▶ YOUR INSTRUCTIONS
Give back each line of the material that contains the word "linetype".

%%

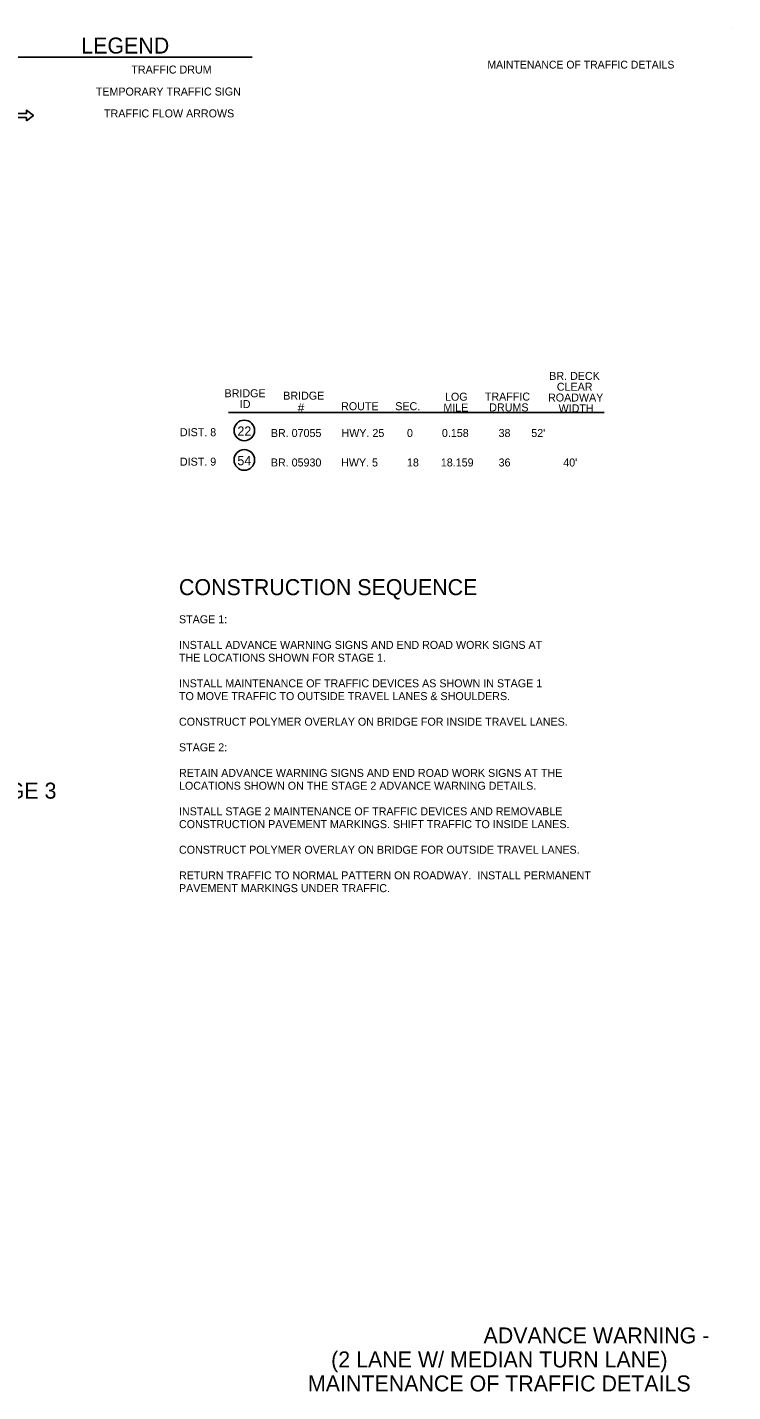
# Model space of a CAD drawing. Extents: x 1930579 to 1946213, y 596452 to 597784.
# Drawn here: x 1937455 to 1937984, y 596607 to 597630 of the extents above; entities that cross this region are included whole.
import ezdxf

# ---------------------------------------------------------------- set-up
doc = ezdxf.new("R2010")
doc.units = 0
for name, color, linetype in [('Default', 7, 'Continuous'), ('R_Border', 7, 'Continuous'), ('R_MOT', 7, 'Continuous'), ('S_AREA_CALC', 7, 'Continuous')]:
    doc.layers.add(name, color=color, linetype=linetype)

msp = doc.modelspace()

# ---------------------------------------------------------------- linework, layer by layer
at = {"layer": 'Default'}
for centre in [(1937617.7, 597327.6), (1937617.7, 597305.5)]:
    msp.add_circle(centre, 7.71, dxfattribs=at)
at = {"layer": 'R_Border'}
for p, q in [((1937429.7, 597607.5), (1937623.6, 597607.6)), ((1937605.9, 597341), (1937887.6, 597341))]:
    msp.add_line(p, q, dxfattribs=at)
at = {"layer": 'R_MOT'}
msp.add_lwpolyline([(1937454.3, 597559.7), (1937459.5, 597563.7), (1937454.3, 597567.7), (1937454.3, 597565.2), (1937439.6, 597565.2), (1937439.6, 597562.2), (1937454.3, 597562.2)], close=True, dxfattribs=at)
at = {"layer": 'S_AREA_CALC'}
msp.add_line((1937984, 597629.9), (1937984, 597629.9), dxfattribs=at)

# ---------------------------------------------------------------- texts
at = {"layer": 'Default'}
msp.add_text('MIRROR LAYOUT FOR STAGE 3', height=12, dxfattribs=at).set_placement((1937232.5, 597051.5))
at = {"layer": 'R_Border'}
for s, height, rotation, p in [('LEGEND', 12, 0.0388, (1937495.4, 597610.2)), ('TRAFFIC DRUM', 6, 0.0388, (1937533, 597595.2)), ('TEMPORARY TRAFFIC SIGN', 6, 0.0388, (1937506.3, 597578.7)), ('TRAFFIC FLOW ARROWS', 6, 0.0388, (1937512.5, 597562.3)), ('BR. DECK ', 6, 360, (1937846.4, 597365.5)), ('CLEAR', 6, 360, (1937852.1, 597357.4)), ('BRIDGE ', 6, 360, (1937602.9, 597352.5)), ('ID', 6, 360, (1937614.3, 597344.4)), ('BRIDGE ', 6, 360, (1937646.9, 597350.7)), ('LOG', 6, 360, (1937768.2, 597349.9)), ('TRAFFIC ', 6, 360, (1937798.1, 597350)), ('ROADWAY ', 6, 360, (1937845.5, 597349.3)), ('#', 6.71, 360, (1937657.7, 597341.3)), ('ROUTE', 6, 360, (1937690.3, 597342.8)), ('SEC.', 6, 360, (1937730.9, 597342.8)), ('MILE', 6, 360, (1937767, 597341.8)), ('DRUMS', 6, 360, (1937801.4, 597341.9)), ('WIDTH', 6, 360, (1937853.4, 597341.2)), ('22', 7, 360, (1937612.5, 597323.6)), ('DIST. 8', 6, 360, (1937569.4, 597323.3)), ('BR. 07055', 6, 360, (1937637.6, 597322.7)), ('HWY. 25', 6, 360, (1937690.6, 597322.7)), ('0', 6, 360, (1937739.7, 597322.7)), ('0.158', 6, 360, (1937765.9, 597322.7)), ("38       52'", 6, 360, (1937808.4, 597322.7)), ('DIST. 9', 6, 360, (1937569.4, 597301.2)), ('54', 7, 360, (1937612.5, 597301.5)), ('BR. 05930', 6, 360, (1937637.6, 597300.6)), ('HWY. 5', 6, 360, (1937690.3, 597300.6)), ('18', 6, 360, (1937739.7, 597300.6)), ('18.159', 6, 360, (1937765.1, 597300.6)), ('36      ', 6, 360, (1937808.4, 597300.6)), ("40'      ", 6, 360, (1937856.9, 597300.6)), ('CONSTRUCTION SEQUENCE', 12, 360, (1937568.7, 597204.1)), ('STAGE 1:', 6, 360, (1937568.7, 597183)), ('INSTALL ADVANCE WARNING SIGNS AND END ROAD WORK SIGNS AT', 6, 360, (1937568.7, 597163.8)), ('THE LOCATIONS SHOWN FOR STAGE 1.', 6, 360, (1937568.7, 597154.2)), ('INSTALL MAINTENANCE OF TRAFFIC DEVICES AS SHOWN IN STAGE 1', 6, 360, (1937568.7, 597135)), ('TO MOVE TRAFFIC TO OUTSIDE TRAVEL LANES & SHOULDERS.', 6, 360, (1937568.7, 597125.4)), ('CONSTRUCT POLYMER OVERLAY ON BRIDGE FOR INSIDE TRAVEL LANES.', 6, 360, (1937568.7, 597106.2)), ('STAGE 2:', 6, 360, (1937568.7, 597087)), ('RETAIN ADVANCE WARNING SIGNS AND END ROAD WORK SIGNS AT THE', 6, 360, (1937568.7, 597067.8)), ('LOCATIONS SHOWN ON THE STAGE 2 ADVANCE WARNING DETAILS.', 6, 360, (1937568.7, 597058.2)), ('INSTALL STAGE 2 MAINTENANCE OF TRAFFIC DEVICES AND REMOVABLE', 6, 360, (1937568.7, 597039)), ('CONSTRUCTION PAVEMENT MARKINGS. SHIFT TRAFFIC TO INSIDE LANES.', 6, 360, (1937568.7, 597029.4)), ('CONSTRUCT POLYMER OVERLAY ON BRIDGE FOR OUTSIDE TRAVEL LANES.', 6, 360, (1937568.7, 597010.2)), ('RETURN TRAFFIC TO NORMAL PATTERN ON ROADWAY.  INSTALL PERMANENT', 6, 360, (1937568.7, 596991)), ('PAVEMENT MARKINGS UNDER TRAFFIC.', 6, 360, (1937568.7, 596981.4)), ('ADVANCE WARNING -', 12, 360, (1937797.1, 596643)), ('(2 LANE W/ MEDIAN TURN LANE)', 12, 360, (1937682.8, 596625)), ('MAINTENANCE OF TRAFFIC DETAILS', 12, 360, (1937665.4, 596607))]:
    msp.add_text(s, height=height, rotation=rotation, dxfattribs=at).set_placement(p)
at = {"layer": 'S_AREA_CALC'}
msp.add_text('MAINTENANCE OF TRAFFIC DETAILS', height=5.862, rotation=360, dxfattribs=at).set_placement((1937800, 597599))

doc.saveas('drawing.dxf')

%%

▶ ANSWER TO THIS EXERCISE
for name, color, linetype in [('Default', 7, 'Continuous'), ('R_Border', 7, 'Continuous'), ('R_MOT', 7, 'Continuous'), ('S_AREA_CALC', 7, 'Continuous')]:
    doc.layers.add(name, color=color, linetype=linetype)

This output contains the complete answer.